Penyaluran BSU 2025 Capai 85 Persen, Pemerintah Genjot Pencairan Sebelum Akhir Juli

Sebarkan artikel ini
Menaker, Yassierli

JAKARTA, METRO–Pemerintah terus mempercepat penyaluran Bantuan Subsidi Upah (BSU) tahun 2025. Hingga pertengahan Juli, realisasi penyaluran telah mencapai sekitar 85 persen dari total target penerima sebanyak 17,3 juta pekerja.

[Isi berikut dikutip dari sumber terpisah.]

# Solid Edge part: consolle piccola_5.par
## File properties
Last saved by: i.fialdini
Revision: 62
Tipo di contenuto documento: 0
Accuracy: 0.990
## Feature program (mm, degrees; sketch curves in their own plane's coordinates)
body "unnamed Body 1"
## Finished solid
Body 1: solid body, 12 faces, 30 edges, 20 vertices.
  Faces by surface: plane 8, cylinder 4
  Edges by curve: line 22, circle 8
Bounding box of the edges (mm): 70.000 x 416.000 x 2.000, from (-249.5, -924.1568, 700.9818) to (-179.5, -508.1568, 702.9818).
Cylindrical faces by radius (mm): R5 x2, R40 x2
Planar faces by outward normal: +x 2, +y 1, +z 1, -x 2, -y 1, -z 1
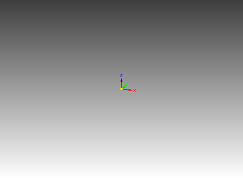
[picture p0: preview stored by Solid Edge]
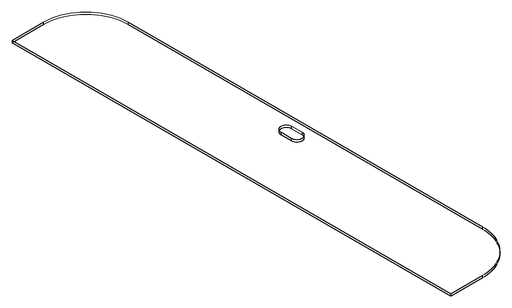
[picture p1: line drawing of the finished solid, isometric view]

Hal tersebut disampaikan Menteri Ketenagakerjaan (Menaker) Yassierli dalam keterangannya di Jakarta, Kamis (17/7). Ia menyebutkan, sekitar 14,7 juta pekerja telah menerima BSU dengan total bantuan Rp 600 ribu untuk dua bulan.

“Tadi datanya sudah mendekati 85 persen. Kami terus upayakan agar seluruh target dapat dicapai sebelum akhir Juli,” ujar Yassierli.

Meski penyaluran berjalan cukup masif, Menaker mengakui bahwa proses pencairan tidak bisa dilakukan secara instan. Salah satu kendala adalah metode pencairan melalui PT Pos Indonesia, yang mengharuskan penerima datang langsung ke kantor pos dan menjalani prosedur ketat.

“Proses di Pos Indonesia memang membutuhkan waktu. Calon penerima harus antre dan mengikuti tahapan verifikasi yang ketat, termasuk dokumentasi foto. Tapi ini penting untuk menjamin akuntabilitas,” jelasnya.

Yassierli menegaskan bahwa kerja sama dengan PT Pos sudah memasuki tahun keempat dan terbukti mampu menjaga transparansi serta ketepatan sasaran penyaluran.

“Kami apresiasi laporan dan kinerja PT Pos. Sekarang kami sedang koordinasi agar penyaluran bisa lebih cepat dan target selesai sebelum akhir bulan,” ungkapnya.

BSU 2025 merupakan bagian dari lima paket stimulus ekonomi yang digulirkan pemerintah untuk menjaga daya beli pekerja di tengah dinamika ekonomi. Setiap penerima mendapatkan bantuan sebesar Rp 300 ribu per bulan selama dua bulan, yang dibayarkan sekaligus.

Adapun kriteria penerima BSU tahun ini telah diatur dalam Permenaker No. 5 Tahun 2025. Di antaranya adalah: Warga Negara Indonesia (dibuktikan dengan NIK); Peserta aktif program jaminan sosial ketenagakerjaan hingga April 2025; Memiliki gaji maksimal Rp 3,5 juta per bulan atau sesuai UMP/UMK di daerahnya; Bukan ASN, prajurit TNI, atau anggota Polri; Tidak menerima bantuan dari Program Keluarga Harapan (PKH) pada tahun anggaran yang sama.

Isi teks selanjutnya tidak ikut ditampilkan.